I was anxious to get part of my light done so I put the two halves of the front lens housing piece together with quick set JBWeld (two halves instead of 3 because I made mine a double (XR-E) instead of triple). When attaching the back tube to the front I first wrapped some fine grit sandpaper around the back tube and worked it back and forth against the back of the front assembly until it made a very flush interface, then I epoxied that together with AAA. As a result the front gets hotter than I expected it to, it's obviously helping to 'sink away heat fairly well.


----------



## kmacon (Nov 15, 2006)

achesalot said:


> Interesting. Thanks.
> Most of the aluminum that I use is NOT anodized, thus very conductive! I wish I could find a good source of already anodized 1" square aluminum tubing. Anyone?


Allen, I am getting ready to put together one of your Achesalot inspired lights and am considering anodizing and coloring the case before I put the electronics in. I did a google search on "DIY anodizing" and came up with a lot of home made settups that look fairly straight forward to do :skep: . Could add a lot of flair to our DIY lights. If I decide to tackle it I will report back with the results.


----------



## achesalot (Nov 8, 2005)

Cool. I've looked into anodizing as well, but have never gone for it. Maybe one day.
Yes, by all means let us know how it turns out.


----------



## jims (Aug 3, 2004)

achesalot, what happened to your web site?


----------



## achesalot (Nov 8, 2005)

Hmmm. My ISP must be having problems. I will shoot them an email, but the problem looks like a DNS problem that should get straightened out by tomorrow.

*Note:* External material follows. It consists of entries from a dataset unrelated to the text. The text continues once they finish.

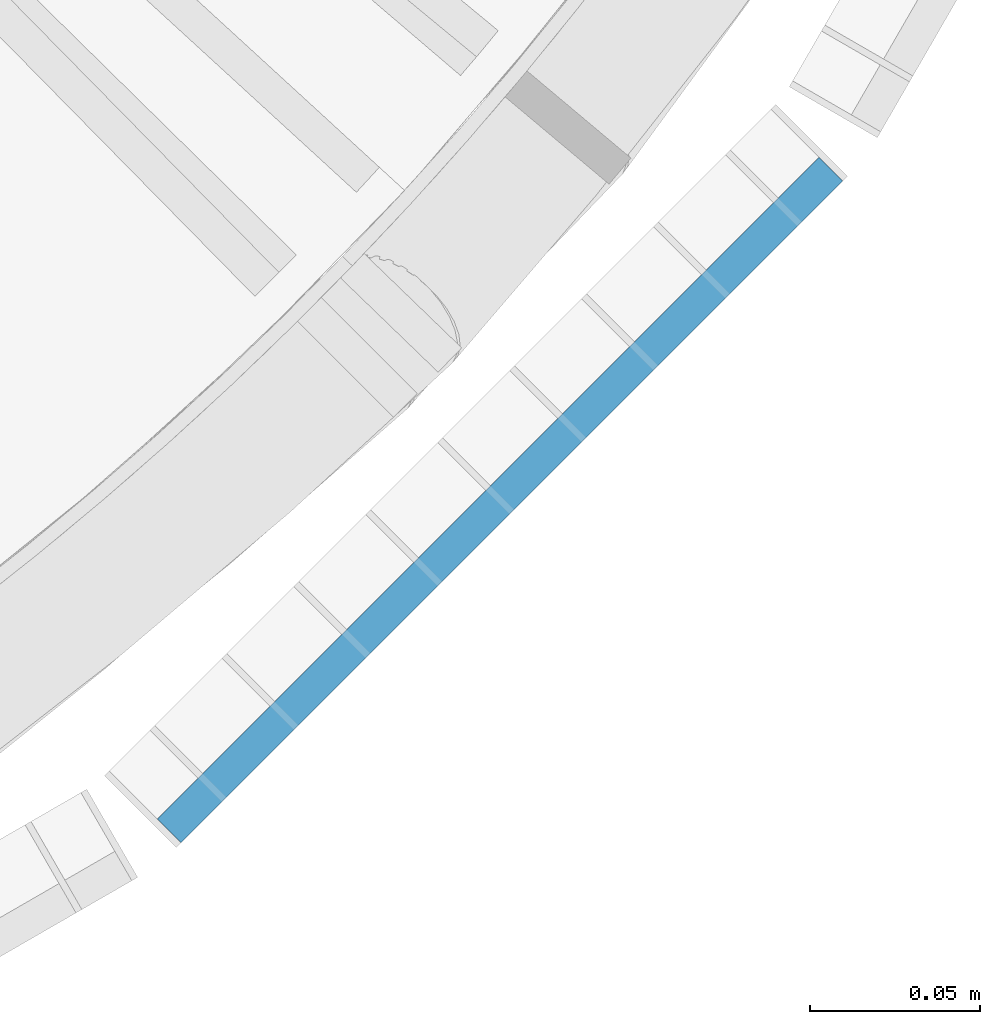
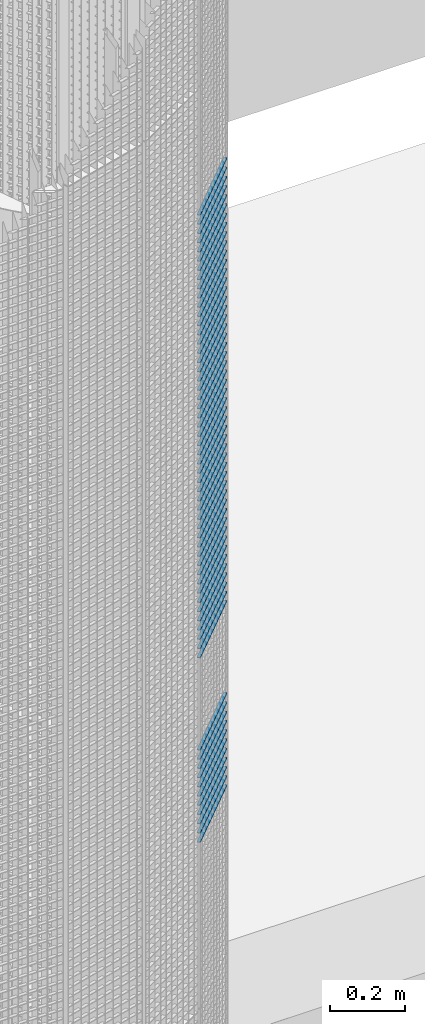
# One storey, part 393 of 1148: 60 beams, 1 element without a shape of its own.
"""IFC2X3 building model written with IfcOpenShell, lengths in millimetres."""

from ifc_helpers import new_model, si_unit, frame, origin_with_axes, origin_2d_with_axis, place, context, subcontext, project, spatial, rectangle, extrude, material, type_object, element, aggregate, save


model = new_model("IFC2X3")

# Units and contexts
model_context = context("Model", 3, precision=1e-05, world=origin_with_axes())
body_context = subcontext(model_context, "Body", "Model", "MODEL_VIEW")
ifc_project = project(units=[si_unit("LENGTHUNIT", "METRE", prefix="MILLI"), si_unit("AREAUNIT", "SQUARE_METRE"), si_unit("VOLUMEUNIT", "CUBIC_METRE"), si_unit("MASSUNIT", "GRAM", prefix="KILO"), si_unit("TIMEUNIT", "SECOND"), si_unit("PLANEANGLEUNIT", "RADIAN"), si_unit("SOLIDANGLEUNIT", "STERADIAN"), si_unit("THERMODYNAMICTEMPERATUREUNIT", "DEGREE_CELSIUS"), si_unit("LUMINOUSINTENSITYUNIT", "LUMEN")], contexts=[model_context])

# Site, building, storey
site_placement = place(None, origin_with_axes())
site = spatial("IfcSite", under=ifc_project, at=site_placement, Name="Undefined", CompositionType="ELEMENT")
building_placement = place(site_placement, origin_with_axes())
building = spatial("IfcBuilding", under=site, at=building_placement, Name="Undefined", CompositionType="ELEMENT")
storey_placement = place(building_placement, origin_with_axes())
storey = spatial("IfcBuildingStorey", under=building, at=storey_placement, Name="Undefined", CompositionType="ELEMENT", Elevation=0.0)

# Assembly, beams
assembly_placement = place(storey_placement, origin_with_axes())
assembly = element("IfcElementAssembly", 1, at=assembly_placement, inside=storey, Name="BORDURE", AssemblyPlace="NOTDEFINED", PredefinedType="NOTDEFINED")
ifc_material = material(Name="STEEL/S235JR")
beam_type = type_object("IfcBeamType", Name="PL2*10", PredefinedType="NOTDEFINED")
beam_1_placement = place(assembly_placement, frame((22484.9271684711, -689.771348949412, 11580.0), z_axis=(0.707106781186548, -0.707106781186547, 0.0), x_axis=(-0.70710678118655, -0.707106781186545, 0.0)))
beam_1 = element("IfcBeam", 2, at=beam_1_placement, type_object=beam_type, material=ifc_material, Name="ENTRETOISE", context=body_context, shape_type="SweptSolid", body=[
    extrude(rectangle(XDim=2.0, YDim=10.0, at=origin_2d_with_axis()), frame((275.999999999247, 9.09494701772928e-13, 1.53210777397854e-14), z_axis=(-1.0, 0.0, 0.0), x_axis=(0.0, -1.0, 0.0)), (0.0, 0.0, 1.0), 276.0),
])
beam_2_placement = place(assembly_placement, frame((22484.9271684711, -689.771348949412, 11550.0), z_axis=(0.707106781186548, -0.707106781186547, 0.0), x_axis=(-0.70710678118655, -0.707106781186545, 0.0)))
beam_2 = element("IfcBeam", 3, at=beam_2_placement, type_object=beam_type, material=ifc_material, Name="ENTRETOISE", context=body_context, shape_type="SweptSolid", body=[
    extrude(rectangle(XDim=2.0, YDim=10.0, at=origin_2d_with_axis()), frame((275.999999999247, 9.09494701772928e-13, 1.53210777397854e-14), z_axis=(-1.0, 0.0, 0.0), x_axis=(0.0, -1.0, 0.0)), (0.0, 0.0, 1.0), 276.0),
])
beam_3_placement = place(assembly_placement, frame((22484.9271684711, -689.771348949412, 11520.0), z_axis=(0.707106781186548, -0.707106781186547, 0.0), x_axis=(-0.70710678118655, -0.707106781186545, 0.0)))
beam_3 = element("IfcBeam", 4, at=beam_3_placement, type_object=beam_type, material=ifc_material, Name="ENTRETOISE", context=body_context, shape_type="SweptSolid", body=[
    extrude(rectangle(XDim=2.0, YDim=10.0, at=origin_2d_with_axis()), frame((275.999999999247, 9.09494701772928e-13, 1.53210777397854e-14), z_axis=(-1.0, 0.0, 0.0), x_axis=(0.0, -1.0, 0.0)), (0.0, 0.0, 1.0), 276.0),
])
beam_4_placement = place(assembly_placement, frame((22484.9271684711, -689.771348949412, 11490.0), z_axis=(0.707106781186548, -0.707106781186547, 0.0), x_axis=(-0.70710678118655, -0.707106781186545, 0.0)))
beam_4 = element("IfcBeam", 5, at=beam_4_placement, type_object=beam_type, material=ifc_material, Name="ENTRETOISE", context=body_context, shape_type="SweptSolid", body=[
    extrude(rectangle(XDim=2.0, YDim=10.0, at=origin_2d_with_axis()), frame((275.999999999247, 9.09494701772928e-13, 1.53210777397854e-14), z_axis=(-1.0, 0.0, 0.0), x_axis=(0.0, -1.0, 0.0)), (0.0, 0.0, 1.0), 276.0),
])
beam_5_placement = place(assembly_placement, frame((22484.9271684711, -689.771348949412, 11460.0), z_axis=(0.707106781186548, -0.707106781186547, 0.0), x_axis=(-0.70710678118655, -0.707106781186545, 0.0)))
beam_5 = element("IfcBeam", 6, at=beam_5_placement, type_object=beam_type, material=ifc_material, Name="ENTRETOISE", context=body_context, shape_type="SweptSolid", body=[
    extrude(rectangle(XDim=2.0, YDim=10.0, at=origin_2d_with_axis()), frame((275.999999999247, 9.09494701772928e-13, 1.53210777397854e-14), z_axis=(-1.0, 0.0, 0.0), x_axis=(0.0, -1.0, 0.0)), (0.0, 0.0, 1.0), 276.0),
])
beam_6_placement = place(assembly_placement, frame((22484.9271684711, -689.771348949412, 11430.0), z_axis=(0.707106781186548, -0.707106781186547, 0.0), x_axis=(-0.70710678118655, -0.707106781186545, 0.0)))
beam_6 = element("IfcBeam", 7, at=beam_6_placement, type_object=beam_type, material=ifc_material, Name="ENTRETOISE", context=body_context, shape_type="SweptSolid", body=[
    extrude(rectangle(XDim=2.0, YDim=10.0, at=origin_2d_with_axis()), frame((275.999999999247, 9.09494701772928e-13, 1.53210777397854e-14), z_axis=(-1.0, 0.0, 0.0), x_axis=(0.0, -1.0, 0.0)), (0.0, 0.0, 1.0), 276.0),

Thanks for letting me know about it.


----------



## rockymtnway (Nov 14, 2004)

According to my take from this cite in Wiki, thermal grease is about 10x more effective than regular epoxy, but both suck compared to silver, copper or aluminum. Then again, anything is better than air.

Guess it's time to start working on my diamond heat sinks.


----------



## _I_ (Jun 23, 2007)

On components that have very high heat density, good thermal grease is important. For components that have only moderately low heat density like these LEDs on stars, a specifically "thermally conductive" epoxy will be fine. To each their own opinion but I wouldn't use a generic multipurpose epoxy like JBWeld if putting more than ~350mA through each LED, not just because of worse performance but also that this close to a heat source it may not hold up so well over time, it is a rigid, more brittle epoxy with a different coefficient of expansion than the Al tubing and star.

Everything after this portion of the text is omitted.